The Brutal Consolidation

The war was bloody and fast. According to a report by Tech In Asia in 2012, the average discount offered by the top players in the daily deals space was 60%, which meant that most startups were kicked out of the game early due to unsustainable losses.

Most competitors focused on volume—launching multiple deals per day, spending heavily on advertising, and burning through venture capital in a race to the bottom. Wang chose a different path.

For starters, he decided to only launch one product a day, ensuring that the merchants really felt the benefits of his partnership. Also, Meituan was the first to guarantee automatic refunds for customers whose purchases expired. While his competitors were burning cash to gain market share, Wang preserved funds, reckoning that other firms' ad spend at the time would help educate the customer but not necessarily breed loyalty. Through his frugal management he won the trust of major investors and was able to raise a huge round.

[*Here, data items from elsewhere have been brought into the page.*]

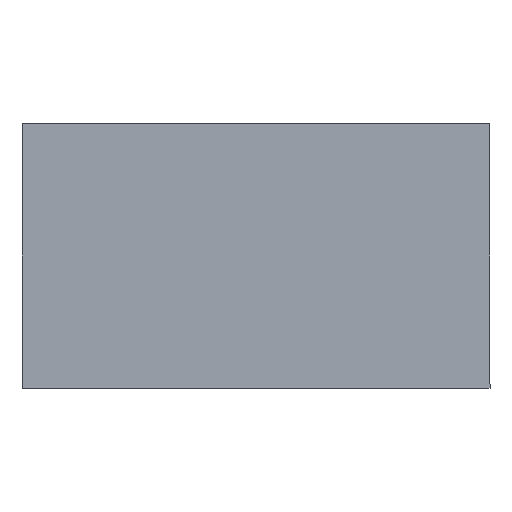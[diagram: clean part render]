
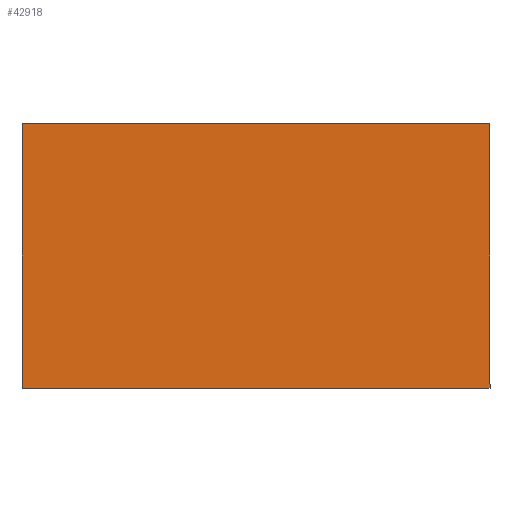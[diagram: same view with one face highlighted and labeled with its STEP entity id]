
A CAD part, front view. The second image highlights one B-rep face of the part: STEP entity #42918.
In plain terms, the highlighted planar face has unit normal (0, -1, 0).
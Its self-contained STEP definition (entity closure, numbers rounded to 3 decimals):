
#1155 = LINE ( 'NONE', #45382, #46923 ) ;
#1839 = CARTESIAN_POINT ( 'NONE',  ( 0., -8.783, 0. ) ) ;
#2292 = DIRECTION ( 'NONE',  ( 1., 0., 0. ) ) ;
#4275 = EDGE_CURVE ( 'NONE', #44515, #21369, #27216, .T. ) ;
#5646 = VERTEX_POINT ( 'NONE', #37057 ) ;
#7100 = DIRECTION ( 'NONE',  ( 0., 0., 1. ) ) ;
#8543 = VERTEX_POINT ( 'NONE', #19527 ) ;
#12028 = CARTESIAN_POINT ( 'NONE',  ( -16.291, -8.783, 9.249 ) ) ;
#19527 = CARTESIAN_POINT ( 'NONE',  ( 16.291, -8.783, -9.15 ) ) ;
#19616 = FACE_OUTER_BOUND ( 'NONE', #35547, .T. ) ;
#21369 = VERTEX_POINT ( 'NONE', #22717 ) ;
#21642 = ORIENTED_EDGE ( 'NONE', *, *, #46426, .F. ) ;
#22717 = CARTESIAN_POINT ( 'NONE',  ( 16.291, -8.783, 9.249 ) ) ;
#25698 = VECTOR ( 'NONE', #27884, 39.37 ) ;
#26872 = EDGE_CURVE ( 'NONE', #5646, #44515, #37528, .T. ) ;
#27216 = LINE ( 'NONE', #37791, #39029 ) ;
#27884 = DIRECTION ( 'NONE',  ( 0., 0., 1. ) ) ;
#31301 = VECTOR ( 'NONE', #33665, 39.37 ) ;
#33428 = DIRECTION ( 'NONE',  ( 0., 1., 0. ) ) ;
#33639 = PLANE ( 'NONE',  #51161 ) ;
#33665 = DIRECTION ( 'NONE',  ( -1., 0., 0. ) ) ;
#34937 = ORIENTED_EDGE ( 'NONE', *, *, #56451, .F. ) ;
#35547 = EDGE_LOOP ( 'NONE', ( #21642, #34937, #47900, #50996 ) ) ;
#37057 = CARTESIAN_POINT ( 'NONE',  ( -16.291, -8.783, -9.15 ) ) ;
#37528 = LINE ( 'NONE', #54460, #25698 ) ;
#37791 = CARTESIAN_POINT ( 'NONE',  ( -16.291, -8.783, 9.249 ) ) ;
#38131 = CARTESIAN_POINT ( 'NONE',  ( 16.291, -8.783, -9.15 ) ) ;
#39029 = VECTOR ( 'NONE', #2292, 39.37 ) ;
#40935 = DIRECTION ( 'NONE',  ( 0., 0., -1. ) ) ;
#42918 = ADVANCED_FACE ( 'NONE', ( #19616 ), #33639, .F. ) ;
#44515 = VERTEX_POINT ( 'NONE', #12028 ) ;
#45382 = CARTESIAN_POINT ( 'NONE',  ( 16.291, -8.783, 9.249 ) ) ;
#46426 = EDGE_CURVE ( 'NONE', #8543, #5646, #53481, .T. ) ;
#46923 = VECTOR ( 'NONE', #40935, 39.37 ) ;
#47900 = ORIENTED_EDGE ( 'NONE', *, *, #4275, .F. ) ;
#50996 = ORIENTED_EDGE ( 'NONE', *, *, #26872, .F. ) ;
#51161 = AXIS2_PLACEMENT_3D ( 'NONE', #1839, #33428, #7100 ) ;
#53481 = LINE ( 'NONE', #38131, #31301 ) ;
#54460 = CARTESIAN_POINT ( 'NONE',  ( -16.291, -8.783, -9.15 ) ) ;
#56451 = EDGE_CURVE ( 'NONE', #21369, #8543, #1155, .T. ) ;
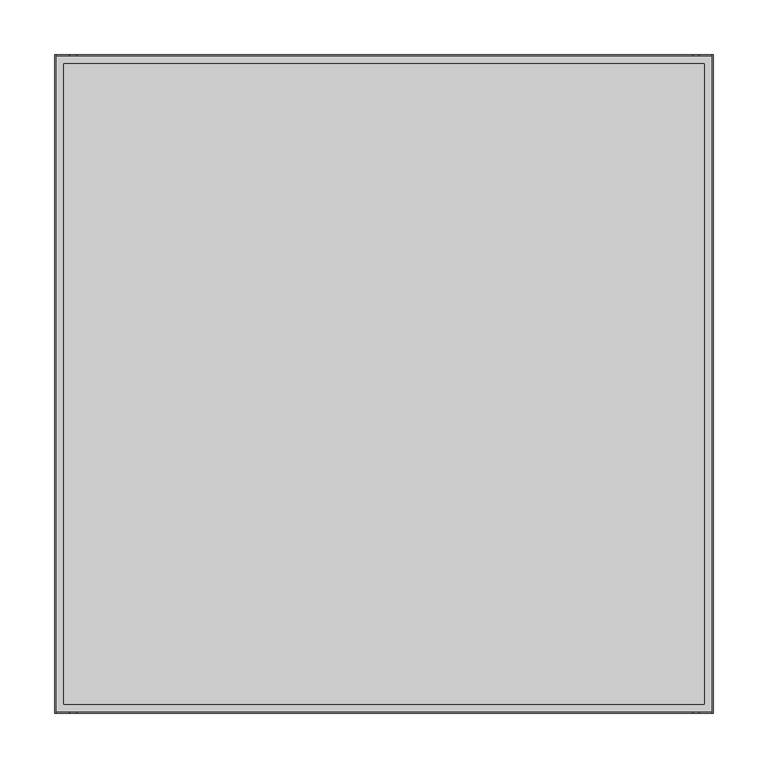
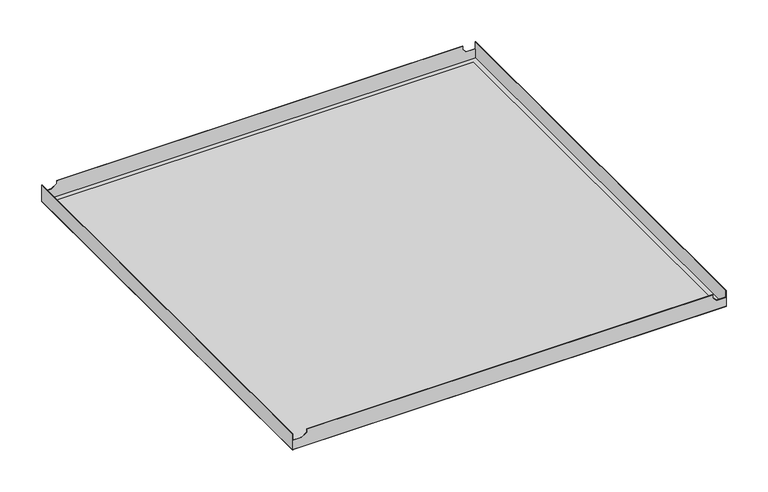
"""IFC4 building model written with IfcOpenShell, lengths in millimetres: proxy geometry, durlum_S1_panel : durlum_S1_panel."""

from ifc_helpers import new_model, si_unit, frame, origin, origin_with_axes, place, context, project, spatial, polyline, outline, extrude, faceted_brep, source, transform, mapped, element, save


def generic_models_cebb11cf(model_context):
    return source(origin(), model_context, "Body", "SolidModel", [
        faceted_brep([(-300.0, 300.0, 23.5), (-300.0, -300.0, 23.5), (-299.4, -300.0, 23.5), (-299.4, 300.0, 23.5), (300.0, -300.0, 23.5), (300.0, 300.0, 23.5), (299.4, 300.0, 23.5), (299.4, -300.0, 23.5), (-279.4, 300.0, 23.5), (-279.4, 299.4, 23.5), (281.4, 299.4, 23.5), (281.4, 300.0, 23.5), (-279.4, -299.4, 23.5), (-279.4, -300.0, 23.5), (281.4, -300.0, 23.5), (281.4, -299.4, 23.5), (300.0, 300.0, 0.6), (300.0, -300.0, 0.6), (-300.0, -300.0, 0.6), (-300.0, 300.0, 0.6), (299.4, 299.4, 0.6), (-299.4, 299.4, 0.6), (-299.4, -299.4, 0.6), (299.4, -299.4, 0.6), (-299.4, 300.0, 13.6669893), (-286.6658218, 300.0, 13.6669893), (-279.4, 300.0, 18.9328111), (281.4, 300.0, 18.9469988), (286.6800094, 300.0, 13.6669893), (299.4, 300.0, 13.6669893), (299.4, -300.0, 13.6669893), (286.6800094, -300.0, 13.6669893), (281.4, -300.0, 18.9469988), (-279.4, -300.0, 18.9328111), (-286.6658218, -300.0, 13.6669893), (-299.4, -300.0, 13.6669893), (299.4, 299.4, 13.6669893), (299.4, -299.4, 13.6669893), (-299.4, -299.4, 13.6669893), (-286.6658218, -299.4, 13.6669893), (-279.4, -299.4, 18.9328111), (281.4, -299.4, 18.9469988), (286.6800094, -299.4, 13.6669893), (-299.4, 299.4, 13.6669893), (286.6800094, 299.4, 13.6669893), (281.4, 299.4, 18.9469988), (-279.4, 299.4, 18.9328111), (-286.6658218, 299.4, 13.6669893)], [[[0, 1, 2, 3]], [[4, 5, 6, 7]], [[8, 9, 10, 11]], [[12, 13, 14, 15]], [[16, 17, 18, 19], [20, 21, 22, 23]], [[16, 19, 0, 3, 24, 25, 26, 8, 11, 27, 28, 29, 6, 5]], [[1, 0, 19, 18]], [[18, 17, 4, 7, 30, 31, 32, 14, 13, 33, 34, 35, 2, 1]], [[5, 4, 17, 16]], [[6, 29, 36, 20, 23, 37, 30, 7]], [[23, 22, 38, 39, 40, 12, 15, 41, 42, 37]], [[22, 21, 43, 24, 3, 2, 35, 38]], [[21, 20, 36, 44, 45, 10, 9, 46, 47, 43]], [[38, 35, 34, 39]], [[24, 43, 47, 25]], [[39, 34, 33, 40]], [[25, 47, 46, 26]], [[40, 33, 13, 12]], [[26, 46, 9, 8]], [[44, 28, 27, 45]], [[31, 42, 41, 32]], [[32, 41, 15, 14]], [[45, 27, 11, 10]], [[36, 29, 28, 44]], [[30, 37, 42, 31]]]),
        extrude(outline(polyline([(292.0, 292.0), (292.0, -292.0), (-292.0, -292.0), (-292.0, 292.0), (292.0, 292.0)])), frame((0.0, 0.0, 0.6), z_axis=(0.0, 0.0, 1.0), x_axis=(1.0, 0.0, 0.0)), (0.0, 0.0, 1.0), 0.6),
        extrude(outline(polyline([(300.0, 300.0), (300.0, -300.0), (-300.0, -300.0), (-300.0, 300.0), (300.0, 300.0)]), holes=[polyline([(292.0, 292.0), (-292.0, 292.0), (-292.0, -292.0), (292.0, -292.0), (292.0, 292.0)])]), origin_with_axes(), (0.0, 0.0, 1.0), 0.6),
        extrude(outline(polyline([(292.0, 292.0), (292.0, -292.0), (-292.0, -292.0), (-292.0, 292.0), (292.0, 292.0)])), origin_with_axes(), (0.0, 0.0, 1.0), 0.6),
    ])


if __name__ == "__main__":
    model = new_model("IFC4")
    model_context = context("Model", 3, world=origin())
    ifc_project = project(units=[si_unit("LENGTHUNIT", "METRE", prefix="MILLI")], contexts=[model_context])
    site = spatial("IfcSite", under=ifc_project)
    building = spatial("IfcBuilding", under=site)
    placement = place(None, origin())
    generic_models_shape = generic_models_cebb11cf(model_context)
    element("IfcBuildingElementProxy", 1, Name="durlum_S1_panel : durlum_S1_panel", ObjectType="durlum_S1_panel : durlum_S1_panel", at=placement, inside=building, context=model_context, shape_type="MappedRepresentation", body=[
        mapped(generic_models_shape, transform((0.0, 0.0, 0.0), x_axis=(1.0, 0.0, 0.0), y_axis=(0.0, 1.0, 0.0), z_axis=(0.0, 0.0, 1.0))),
    ])
    save(model, "model.ifc")
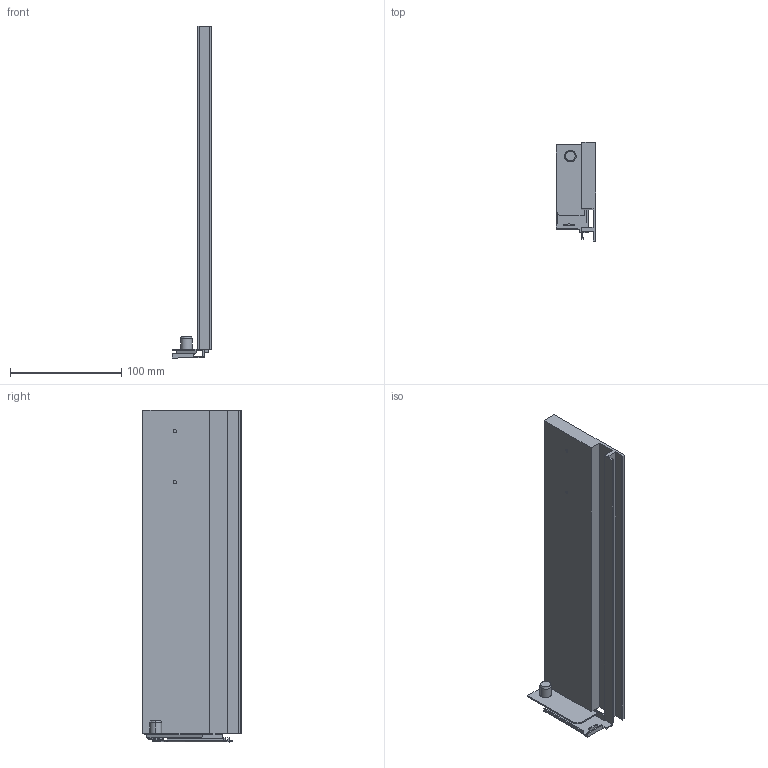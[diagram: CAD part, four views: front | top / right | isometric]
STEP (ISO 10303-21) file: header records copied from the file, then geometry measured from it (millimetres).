
FILE_DESCRIPTION (( 'STEP AP214' ), '1' );
FILE_NAME ('Vionaro_Alu-Zarge_H89_NL300_RE.STEP', '2014-08-14T10:09:23', ( '' ), ( '' ), 'SwSTEP 2.0', 'SolidWorks 2013', '' );
FILE_SCHEMA (( 'AUTOMOTIVE_DESIGN' ));
Length unit declared in the file: millimetre
Products named in the file (1): Vionaro_Alu-Zarge_H89_NL300_RE
Bounding box: 35.6 x 89 x 297.9 mm (x, y, z)
Volume: 266992.5 mm3; surface area: 79728.7 mm2
Topology: 1 solids, 1 shells, 98 faces, 266 edges, 174 vertices
Faces by surface type: plane 80, cylinder 14, cone 4
Entity records: 3082 total; most frequent: CARTESIAN_POINT 545, ORIENTED_EDGE 532, DIRECTION 496, EDGE_CURVE 266, VECTOR 230, LINE 230, VERTEX_POINT 174, AXIS2_PLACEMENT_3D 133
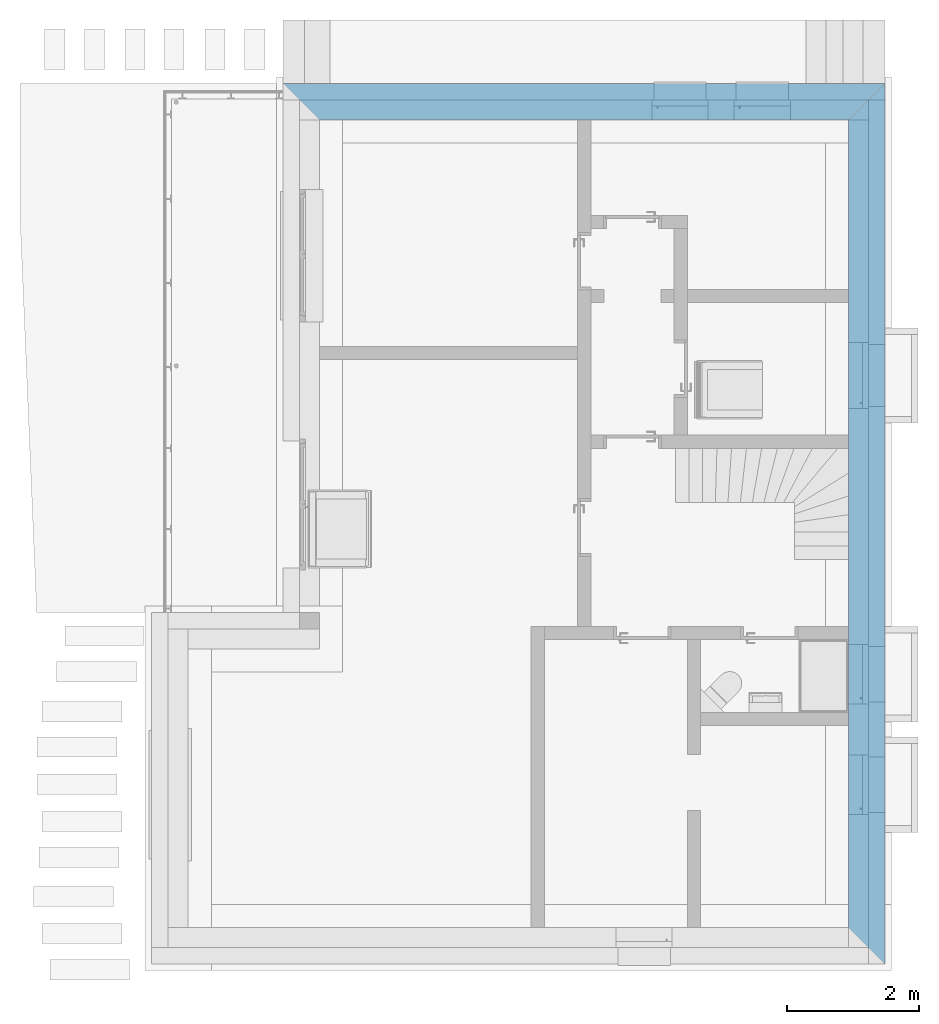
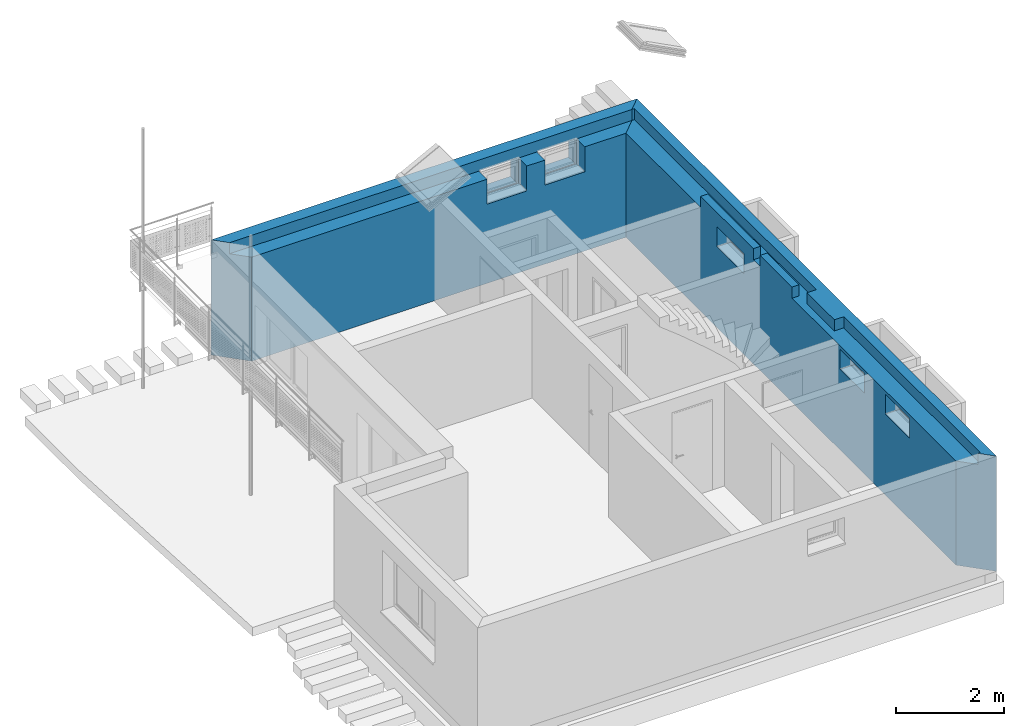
# One storey, part 15 of 22: 2 walls.
"""IFC2X3 building model written with IfcOpenShell, lengths in metres."""

import ifcopenshell
import ifcopenshell.guid

model = None  # the IFC model being written
_history = None  # IfcOwnerHistory: only IFC2X3 demands one
_inside = {}  # id of a spatial element -> (the spatial element, [elements in it])
_under = {}  # id of a project, library or spatial element -> (it, [spatial elements below it])
_declared = {}  # id of a project -> (the project, [libraries it declares])
_typed = {}  # id of a type object -> (the type object, [elements of that type])
_made_of = {}  # id of a material, layer set ... -> (it, [elements and type objects made of it])


def new_model(schema):
    """Start an empty IFC model of exactly this schema.

    Asked for "IFC4X3", IfcOpenShell would pick the latest addendum, in which some entities
    have other attributes; the version numbers below select the first issue.
    IFC2X3 requires an IfcOwnerHistory on every rooted entity: one is made here for all.
    """
    global model, _history
    if schema == "IFC4X3":
        model = ifcopenshell.file(schema_version=(4, 3, 0, 0))
    else:
        model = ifcopenshell.file(schema=schema)
    _inside.clear()
    _under.clear()
    _declared.clear()
    _typed.clear()
    _made_of.clear()
    _history = None
    if model.schema == "IFC2X3":
        org = make("IfcOrganization", Name="unknown")
        user = make(
            "IfcPersonAndOrganization",
            ThePerson=make("IfcPerson", FamilyName="unknown"),
            TheOrganization=org,
        )
        app = make(
            "IfcApplication",
            ApplicationDeveloper=org,
            Version="unknown",
            ApplicationFullName="unknown",
            ApplicationIdentifier="unknown",
        )
        _history = make(
            "IfcOwnerHistory",
            OwningUser=user,
            OwningApplication=app,
            ChangeAction="ADDED",
            CreationDate=0,
        )
    return model


def make(cls, **values):
    """One entity of the class cls with the attributes given. An attribute that is None is left unset."""
    return model.create_entity(
        cls, **{name: value for name, value in values.items() if value is not None}
    )


def entity(cls, *values):
    """Any entity or typed value of the class cls, its attributes in the order of the schema. None: left unset."""
    e = model.create_entity(cls)
    for i, value in enumerate(values):
        if value is not None:
            e[i] = value
    return e


def rooted(cls, **values):
    """An entity with a GlobalId (a new one), such as an element, a storey or a relation."""
    return make(cls, GlobalId=ifcopenshell.guid.new(), OwnerHistory=_history, **values)


def si_unit(unit_type, name, prefix=None):
    """IfcSIUnit, for example si_unit("LENGTHUNIT", "METRE", prefix="MILLI")."""
    return make("IfcSIUnit", UnitType=unit_type, Prefix=prefix, Name=name)


def converted_unit(unit_type, name, factor, base, dimensions=None, offset=None):
    """IfcConversionBasedUnit, such as the inch: factor (a typed value) times the base unit."""
    return make(
        "IfcConversionBasedUnit"
        if offset is None
        else "IfcConversionBasedUnitWithOffset",
        ConversionOffset=offset,
        Dimensions=None
        if dimensions is None
        else entity("IfcDimensionalExponents", *dimensions),
        UnitType=unit_type,
        Name=name,
        ConversionFactor=make(
            "IfcMeasureWithUnit", ValueComponent=factor, UnitComponent=base
        ),
    )


def derived_unit(unit_type, elements):
    """IfcDerivedUnit: a product of units, each with its exponent."""
    return make(
        "IfcDerivedUnit",
        Elements=[
            make("IfcDerivedUnitElement", Unit=unit, Exponent=power)
            for unit, power in elements
        ],
        UnitType=unit_type,
    )


def assignment(units):
    """IfcUnitAssignment: the units of a project."""
    return None if units is None else make("IfcUnitAssignment", Units=units)


def point(xyz):
    """IfcCartesianPoint."""
    return None if xyz is None else make("IfcCartesianPoint", Coordinates=xyz)


def direction(xyz):
    """IfcDirection."""
    return None if xyz is None else make("IfcDirection", DirectionRatios=xyz)


def frame(location, z_axis=None, x_axis=None):
    """IfcAxis2Placement3D, a coordinate frame: its origin and axes. An axis left out is left unset."""
    return make(
        "IfcAxis2Placement3D",
        Location=point(location),
        Axis=direction(z_axis),
        RefDirection=direction(x_axis),
    )


def origin():
    """The frame at (0, 0, 0) with its axes left unset."""
    return frame((0.0, 0.0, 0.0))


def place(relative_to, where):
    """IfcLocalPlacement: puts the frame where relative to a parent placement (None: the world)."""
    return make(
        "IfcLocalPlacement", PlacementRelTo=relative_to, RelativePlacement=where
    )


def context(
    kind, dimensions, precision=None, world=None, true_north=None, identifier=None
):
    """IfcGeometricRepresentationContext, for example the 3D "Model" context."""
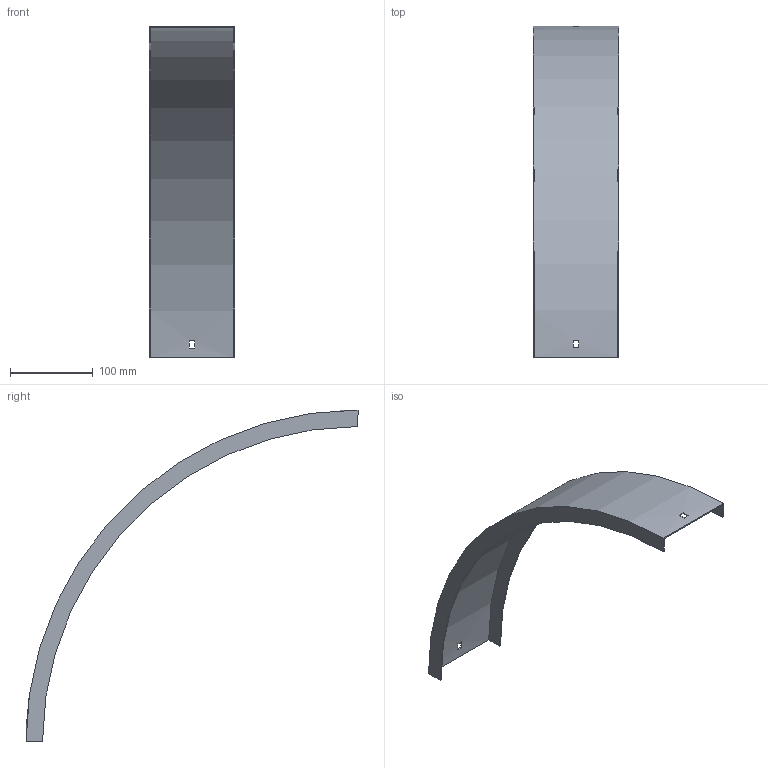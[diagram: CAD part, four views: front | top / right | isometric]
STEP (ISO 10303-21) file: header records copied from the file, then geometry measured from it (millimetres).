
FILE_DESCRIPTION (( 'STEP AP214' ), '1' );
FILE_NAME ('B2_33N3D100.step', '2025-02-21T10:46:54', ( '' ), ( '' ), 'SwSTEP 2.0', 'SolidWorks 2023', '' );
FILE_SCHEMA (( 'AUTOMOTIVE_DESIGN' ));
Length unit declared in the file: millimetre
Products named in the file (1): B2_33N3D100
Bounding box: 103 x 401.5 x 401.5 mm (x, y, z)
Volume: 131146.8 mm3; surface area: 177176.9 mm2
Topology: 1 solids, 1 shells, 18 faces, 48 edges, 32 vertices
Faces by surface type: plane 14, cylinder 4
Entity records: 599 total; most frequent: DIRECTION 102, CARTESIAN_POINT 99, ORIENTED_EDGE 96, EDGE_CURVE 48, AXIS2_PLACEMENT_3D 35, VERTEX_POINT 32, VECTOR 32, LINE 32

The strategy was counterintuitive but brilliant. By focusing on fewer, higher-quality deals, Meituan built a reputation for reliability. By guaranteeing refunds, it earned consumer trust. And by conserving capital while others burned through theirs, Wang positioned Meituan to outlast the competition.

Strategic Differentiation

The real insight, however, went deeper than operational efficiency. Wang recognized something that his competitors missed entirely.

As Wang later explained his philosophy: competitors "thought the business was group buying. We thought the business was e-commerce for services." This subtle but profound distinction would guide Meituan's evolution for the next decade.

Meituan's food delivery option, established in 2013, has become central to its revenue stream with the pandemic accelerating demand for food delivery adoption. Widely used, the service has emerged as a key driver of user engagement on the platform, pushing traffic to other offerings such as hotel and travel bookings.

By 2013, with rivals continuing to fade away, Wang shifted from volume discounts at restaurants to direct food delivery—a pivot that would define the company's future. Food delivery wasn't just another service; it was a high-frequency activity that could drive daily user engagement and serve as a gateway to countless other services.

Early Funding & Survival

The consolidation was swift. Meituan has survived thousands of Chinese group-buying sites to emerge on top, fighting of a spate of entrants that began in 2010.

Dianping then raised $850 million at a $4.05 billion valuation confirmed in April 2015. According to the Wall Street Journal, Dianping boasted more than 190 million monthly active users at the time, while Meituan generated $7.4 billion in transaction volume that year.

By 2014, Meituan had emerged as the clear leader, but the fight was far from over. A new competitor loomed—one backed by the resources of China's most powerful internet giant. To survive, Wang would need to make the most consequential deal of his career.


IV. The Meituan-Dianping Mega-Merger (2015)

The Strategic Context

Meituan was set up in 2010 as a group purchasing platform. In the following years, Meituan expanded the business and grew into one of the biggest online to offline platforms providing lifestyle services in China. Dianping, a consumer review website, was set up in 2003 and its services include viewing the information of various restaurants and stores, giving scores and making comments.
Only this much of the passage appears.